Abstract

Background and aims: 59.7% of admissions to Melbourne’s Royal Children’s Hospital (RCH) ICU require intubation. 10.3% of these fail extubation and require unplanned reintubation. Accurate prediction of children at risk of extubation failure by clinicians may help avoid the increased morbidity and mortality associated with this outcome. No studies to date have clinically investigated the accuracy of clinician predictions of extubation failure. Aims: To identify the accuracy of clinician predictions of extubation outcome and the clinical predictors they rely upon.
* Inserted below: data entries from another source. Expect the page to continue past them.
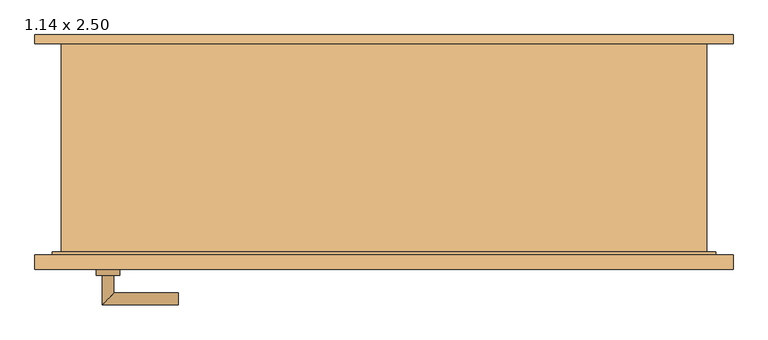
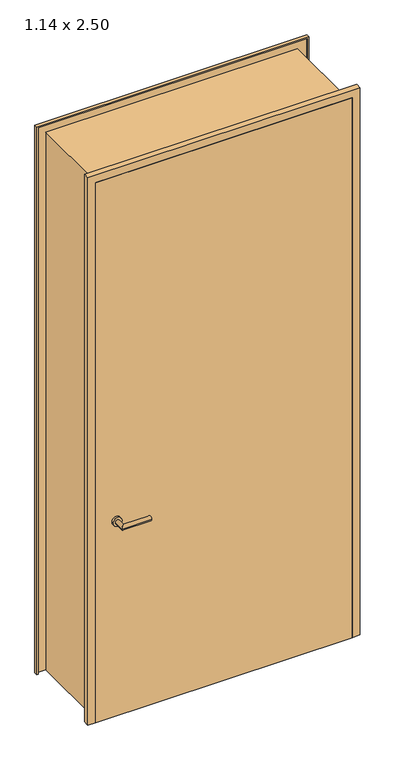
"""IFC4 building model written with IfcOpenShell, lengths in millimetres: door geometry, Drehflügel 1-flg - Stahlzarge : 1.14 x 2.50."""

from ifc_helpers import new_model, si_unit, point, frame, frame_2d, origin, place, context, project, spatial, polyline, circle_curve, ellipse_curve, trimmed, segment, composite_curve, outline, extrude, faceted_brep, source, transform, mapped, element, save
from ifc_brep_helpers import plane_surface, cylinder_surface, advanced_brep


def door_1_14_x_2_50_3de6b391(model_context):
    return source(origin(), model_context, "Body", "SolidModel", [
        advanced_brep(
        [(-480.0, -169.4346141, 915.0), (-460.0, -169.4346141, 915.0), (-460.0, -119.4346141, 915.0), (-480.0, -99.4346141, 915.0), (-350.0, -99.4346141, 915.0), (-350.0, -119.4346141, 915.0)],
        [
            (0, 1, circle_curve(frame((-470.0, -169.4346141, 915.0), z_axis=(0.0, -1.0, 0.0), x_axis=(1.0, 0.0, 0.0)), 10.0)),
            (1, 0, circle_curve(frame((-470.0, -169.4346141, 915.0), z_axis=(0.0, -1.0, 0.0), x_axis=(1.0, 0.0, 0.0)), 10.0)),
            (1, 2),
            (2, 3, ellipse_curve(frame((-470.0, -109.4346141, 915.0), z_axis=(-0.7071067811865385, -0.7071067811865565, 0.0), x_axis=(0.7071067811865563, -0.7071067811865386, 0.0)), 14.1421356, 10.0)),
            (3, 0),
            (3, 2, ellipse_curve(frame((-470.0, -109.4346141, 915.0), z_axis=(-0.7071067811865385, -0.7071067811865565, 0.0), x_axis=(0.7071067811865563, -0.7071067811865386, 0.0)), 14.1421356, 10.0)),
            (4, 5, circle_curve(frame((-350.0, -109.4346141, 915.0), z_axis=(1.0, 0.0, 0.0), x_axis=(0.0, -1.0, 0.0)), 10.0)),
            (5, 4, circle_curve(frame((-350.0, -109.4346141, 915.0), z_axis=(1.0, 0.0, 0.0), x_axis=(0.0, -1.0, 0.0)), 10.0)),
            (2, 5),
            (4, 3),
        ],
        [
            plane_surface(frame((-470.0, -169.4346141, -372.7526403), z_axis=(0.0, -1.0, 0.0), x_axis=(0.0, 0.0, 1.0))),
            cylinder_surface(frame((-470.0, -169.4346141, 915.0), z_axis=(0.0, -1.0, 0.0), x_axis=(1.0, 0.0, 0.0)), 10.0),
            plane_surface(frame((-350.0, -109.4346141, -372.7526403), z_axis=(1.0, 0.0, 0.0), x_axis=(0.0, 0.0, 1.0))),
            cylinder_surface(frame((-470.0, -109.4346141, 915.0), z_axis=(-1.0, 0.0, 0.0), x_axis=(0.0, -1.0, 0.0)), 10.0),
        ],
        [
            (0, [[1, 2]]),
            (1, [[3, 4, 5, -2]]),
            (1, [[-5, 6, -3, -1]]),
            (2, [[7, 8]]),
            (3, [[9, -7, 10, -4]]),
            (3, [[-10, -8, -9, -6]]),
        ],
    ),
        advanced_brep(
        [(-460.0, -229.4346141, 915.0), (-480.0, -229.4346141, 915.0), (-480.0, -279.4346141, 915.0), (-460.0, -259.4346141, 915.0), (-350.0, -259.4346141, 915.0), (-350.0, -279.4346141, 915.0)],
        [
            (0, 1, circle_curve(frame((-470.0, -229.4346141, 915.0), z_axis=(0.0, 1.0, 0.0), x_axis=(-1.0, 0.0, 0.0)), 10.0)),
            (1, 0, circle_curve(frame((-470.0, -229.4346141, 915.0), z_axis=(0.0, 1.0, 0.0), x_axis=(-1.0, 0.0, 0.0)), 10.0)),
            (1, 2),
            (2, 3, ellipse_curve(frame((-470.0, -269.4346141, 915.0), z_axis=(-0.7071067811865475, 0.7071067811865475, 0.0), x_axis=(0.7071067811865474, 0.7071067811865476, 0.0)), 14.1421356, 10.0)),
            (3, 0),
            (3, 2, ellipse_curve(frame((-470.0, -269.4346141, 915.0), z_axis=(-0.7071067811865475, 0.7071067811865475, 0.0), x_axis=(0.7071067811865474, 0.7071067811865476, 0.0)), 14.1421356, 10.0)),
            (4, 5, circle_curve(frame((-350.0, -269.4346141, 915.0), z_axis=(1.0, 0.0, 0.0), x_axis=(0.0, -1.0, 0.0)), 10.0)),
            (5, 4, circle_curve(frame((-350.0, -269.4346141, 915.0), z_axis=(1.0, 0.0, 0.0), x_axis=(0.0, -1.0, 0.0)), 10.0)),
            (2, 5),
            (4, 3),
        ],
        [
            plane_surface(frame((-470.0, -229.4346141, -372.7526403), z_axis=(0.0, 1.0, 0.0), x_axis=(0.0, 0.0, 1.0))),
            cylinder_surface(frame((-470.0, -229.4346141, 915.0), z_axis=(0.0, 1.0, 0.0), x_axis=(-1.0, 0.0, 0.0)), 10.0),
            plane_surface(frame((-350.0, -269.4346141, -372.7526403), z_axis=(1.0, 0.0, 0.0), x_axis=(0.0, 0.0, 1.0))),
            cylinder_surface(frame((-470.0, -269.4346141, 915.0), z_axis=(-1.0, 0.0, 0.0), x_axis=(0.0, -1.0, 0.0)), 10.0),
        ],
        [
            (0, [[1, 2]]),
            (1, [[3, 4, 5, -2]]),
            (1, [[-5, 6, -3, -1]]),
            (2, [[7, 8]]),
            (3, [[9, -7, 10, -4]]),
            (3, [[-10, -8, -9, -6]]),
        ],
    ),
        extrude(outline(composite_curve([segment(trimmed(circle_curve(frame_2d((915.0, -470.0)), 20.0), [point((915.0, -490.0))], [point((915.0, -450.0))], False, "CARTESIAN"), True, "CONTINUOUS"), segment(trimmed(circle_curve(frame_2d((915.0, -470.0)), 20.0), [point((915.0, -450.0))], [point((915.0, -490.0))], False, "CARTESIAN"), True, "CONTINUOUS")], self_intersect=False)), frame((0.0, -169.4346141, 0.0), z_axis=(0.0, 1.0, 0.0), x_axis=(0.0, 0.0, 1.0)), (0.0, 0.0, 1.0), 10.0),
        extrude(outline(composite_curve([segment(trimmed(circle_curve(frame_2d((915.0, -470.0)), 20.0), [point((915.0, -490.0))], [point((915.0, -450.0))], False, "CARTESIAN"), True, "CONTINUOUS"), segment(trimmed(circle_curve(frame_2d((915.0, -470.0)), 20.0), [point((915.0, -450.0))], [point((915.0, -490.0))], False, "CARTESIAN"), True, "CONTINUOUS")], self_intersect=False)), frame((0.0, -229.4346141, 0.0), z_axis=(0.0, 1.0, 0.0), x_axis=(0.0, 0.0, 1.0)), (0.0, 0.0, 1.0), 10.0),
        extrude(outline(polyline([(560.0, -194.4346141), (560.0, -219.4346141), (-560.0, -219.4346141), (-560.0, -194.4346141), (560.0, -194.4346141)])), frame((0.0, 0.0, 15.0), z_axis=(0.0, 0.0, 1.0), x_axis=(1.0, 0.0, 0.0)), (0.0, 0.0, 1.0), 2490.0),
        faceted_brep([(594.4603207, 180.5653859, 15.0), (594.4603207, 165.5653859, 15.0), (589.4603207, 165.5653859, 15.0), (589.4603207, 175.5653859, 15.0), (550.0, 175.5653859, 15.0), (550.0, -189.4346141, 15.0), (565.0, -189.4346141, 15.0), (565.0, -214.4346141, 15.0), (589.4603207, -214.4346141, 15.0), (589.4603207, -194.4346141, 15.0), (594.4603207, -194.4346141, 15.0), (594.4603207, -219.4346141, 15.0), (560.0, -219.4346141, 15.0), (560.0, -194.4346141, 15.0), (545.0, -194.4346141, 15.0), (545.0, 180.5653859, 15.0), (545.0, 180.5653859, 2490.0), (-545.0, 180.5653859, 2490.0), (-545.0, 180.5653859, 15.0), (-594.4603207, 180.5653859, 15.0), (-594.4603207, 180.5653859, 2539.4603207), (594.4603207, 180.5653859, 2539.4603207), (545.0, -194.4346141, 2490.0), (560.0, -194.4346141, 2505.0), (-560.0, -194.4346141, 2505.0), (-560.0, -194.4346141, 15.0), (-545.0, -194.4346141, 15.0), (-545.0, -194.4346141, 2490.0), (560.0, -219.4346141, 2505.0), (594.4603207, -219.4346141, 2539.4603207), (-594.4603207, -219.4346141, 2539.4603207), (-594.4603207, -219.4346141, 15.0), (-560.0, -219.4346141, 15.0), (-560.0, -219.4346141, 2505.0), (594.4603207, -194.4346141, 2539.4603207), (589.4603207, -194.4346141, 2534.4603207), (-589.4603207, -194.4346141, 2534.4603207), (-589.4603207, -194.4346141, 15.0), (-594.4603207, -194.4346141, 15.0), (-594.4603207, -194.4346141, 2539.4603207), (589.4603207, -214.4346141, 2534.4603207), (565.0, -214.4346141, 2510.0), (-565.0, -214.4346141, 2510.0), (-565.0, -214.4346141, 15.0), (-589.4603207, -214.4346141, 15.0), (-589.4603207, -214.4346141, 2534.4603207), (565.0, -189.4346141, 2510.0), (550.0, -189.4346141, 2495.0), (-550.0, -189.4346141, 2495.0), (-550.0, -189.4346141, 15.0), (-565.0, -189.4346141, 15.0), (-565.0, -189.4346141, 2510.0), (550.0, 175.5653859, 2495.0), (589.4603207, 175.5653859, 2534.4603207), (-589.4603207, 175.5653859, 2534.4603207), (-589.4603207, 175.5653859, 15.0), (-550.0, 175.5653859, 15.0), (-550.0, 175.5653859, 2495.0), (589.4603207, 165.5653859, 2534.4603207), (594.4603207, 165.5653859, 2539.4603207), (-594.4603207, 165.5653859, 2539.4603207), (-594.4603207, 165.5653859, 15.0), (-589.4603207, 165.5653859, 15.0), (-589.4603207, 165.5653859, 2534.4603207)], [[[0, 1, 2, 3, 4, 5, 6, 7, 8, 9, 10, 11, 12, 13, 14, 15]], [[15, 16, 17, 18, 19, 20, 21, 0]], [[14, 22, 16, 15]], [[13, 23, 24, 25, 26, 27, 22, 14]], [[12, 28, 23, 13]], [[11, 29, 30, 31, 32, 33, 28, 12]], [[10, 34, 29, 11]], [[9, 35, 36, 37, 38, 39, 34, 10]], [[8, 40, 35, 9]], [[7, 41, 42, 43, 44, 45, 40, 8]], [[6, 46, 41, 7]], [[5, 47, 48, 49, 50, 51, 46, 6]], [[4, 52, 47, 5]], [[3, 53, 54, 55, 56, 57, 52, 4]], [[2, 58, 53, 3]], [[1, 59, 60, 61, 62, 63, 58, 2]], [[0, 21, 59, 1]], [[20, 19, 61, 60]], [[19, 18, 26, 25, 32, 31, 38, 37, 44, 43, 50, 49, 56, 55, 62, 61]], [[27, 26, 18, 17]], [[33, 32, 25, 24]], [[39, 38, 31, 30]], [[45, 44, 37, 36]], [[51, 50, 43, 42]], [[57, 56, 49, 48]], [[63, 62, 55, 54]], [[22, 27, 17, 16]], [[28, 33, 24, 23]], [[34, 39, 30, 29]], [[40, 45, 36, 35]], [[46, 51, 42, 41]], [[52, 57, 48, 47]], [[58, 63, 54, 53]], [[21, 20, 60, 59]]]),
    ])


if __name__ == "__main__":
    model = new_model("IFC4")
    model_context = context("Model", 3, world=origin())
    ifc_project = project(units=[si_unit("LENGTHUNIT", "METRE", prefix="MILLI")], contexts=[model_context])
    site = spatial("IfcSite", under=ifc_project)
    building = spatial("IfcBuilding", under=site)
    placement = place(None, origin())
    door_1_14_x_2_50_shape = door_1_14_x_2_50_3de6b391(model_context)
    element("IfcDoor", 1, ObjectType="Drehflügel 1-flg - Stahlzarge : 1.14 x 2.50", at=placement, inside=building, context=model_context, shape_type="MappedRepresentation", body=[
        mapped(door_1_14_x_2_50_shape, transform((0.0, 0.0, 0.0), x_axis=(1.0, 0.0, 0.0), y_axis=(0.0, 1.0, 0.0), z_axis=(0.0, 0.0, 1.0))),
    ])
    save(model, "model.ifc")

# Revit data of these elements
# Type "Drehflügel 1-flg - Stahlzarge : 1.14 x 2.50"
#   Type Mark = "28"
#   Operation = "SingleSwingRight"
#   Keynote = "16.03"
#   Analytic Construction = "Metall"
#   Thermal Resistance (R) = 0.270117 (m²·K)/W
#   Heat Transfer Coefficient (U) = 3.7021 W/(m²·K)
#   Rough Width = 1.140 m
#   Rough Height [instance default] = 2.600 m
#   Höhe Türgriff [instance default] = 0.900 m
#   Height = 2.500 m
#   Fußbodenaufbau [instance default] = 0.100 m
#   Width = 1.140 m
#   Sichtbarkeit Sturzlinien [instance default] = yes
#   Türgriff auswählen [instance default] = element 221079
#   Türgriff [instance default] = none
#   Türflügel [instance default] = none
#   Rahmen/Pfosten [instance default] = Metall - Lackiert - Grau
#   Visual Light Transmittance = 0
#   Solar Heat Gain Coefficient = 0
#   Function = (empty or 0)
#   Wall Closure = (empty or 0)
# Element 1 (IfcDoor, "Drehflügel 1-flg - Stahlzarge : 1.14 x 2.50")
#   Rough Height = 2.515 m
#   Fußbodenaufbau = 0.015 m
#   Materials on its faces: "Metall - Lackiert - Grau", "Metall - Chrom", "Holz - Birke"
# Materials
#   "Metall - Lackiert - Grau": class "Farbe 1", colour RGB 98 98 98, transparency 0, Cost = 0
#   "Metall - Chrom": class "Metall", colour RGB 247 247 247, transparency 0, Cost = 0
#   "Holz - Birke": class "Holz", colour RGB 213 164 103, transparency 0, Cost = 0

Methods: A 6-month prospective cohort study and 12-month retrospective chart review was conducted at RCH ICU. Extubation failure was defined as unplanned reintubations <72rs or <2ks if severe respiratory distress/steroids/nebulised adrenaline commenced <72rs and continued until failure. Confidence of success was recorded before extubation and clinician seniority was noted. Clinical parameters were measured <1hr pre-extubation. Logistic regression and area under receiver operating characteristic curves (AUROC) were used to generate and compare accuracy of predictive models. RCH ethics approved the study and waived the need for informed consent. Results: Air-leak, sedation level and ventilator mode were most commonly used to predict outcome in children at perceived risk of failure, though were poorly accurate (AUROC 0.60). Clinician predictions were moderately accurate (AUROC 0.73). Accuracy did not significantly vary with increasing seniority. Conclusions: Clinicians predicted extubation outcome with accuracy greater than the clinical predictors they reportedly used. This reflects an excellent ability of ICU clinicians to interpret clinical information. Predictive accuracy and patient outcomes may be improved by clinician education regarding strong clinical predictors of extubation outcome.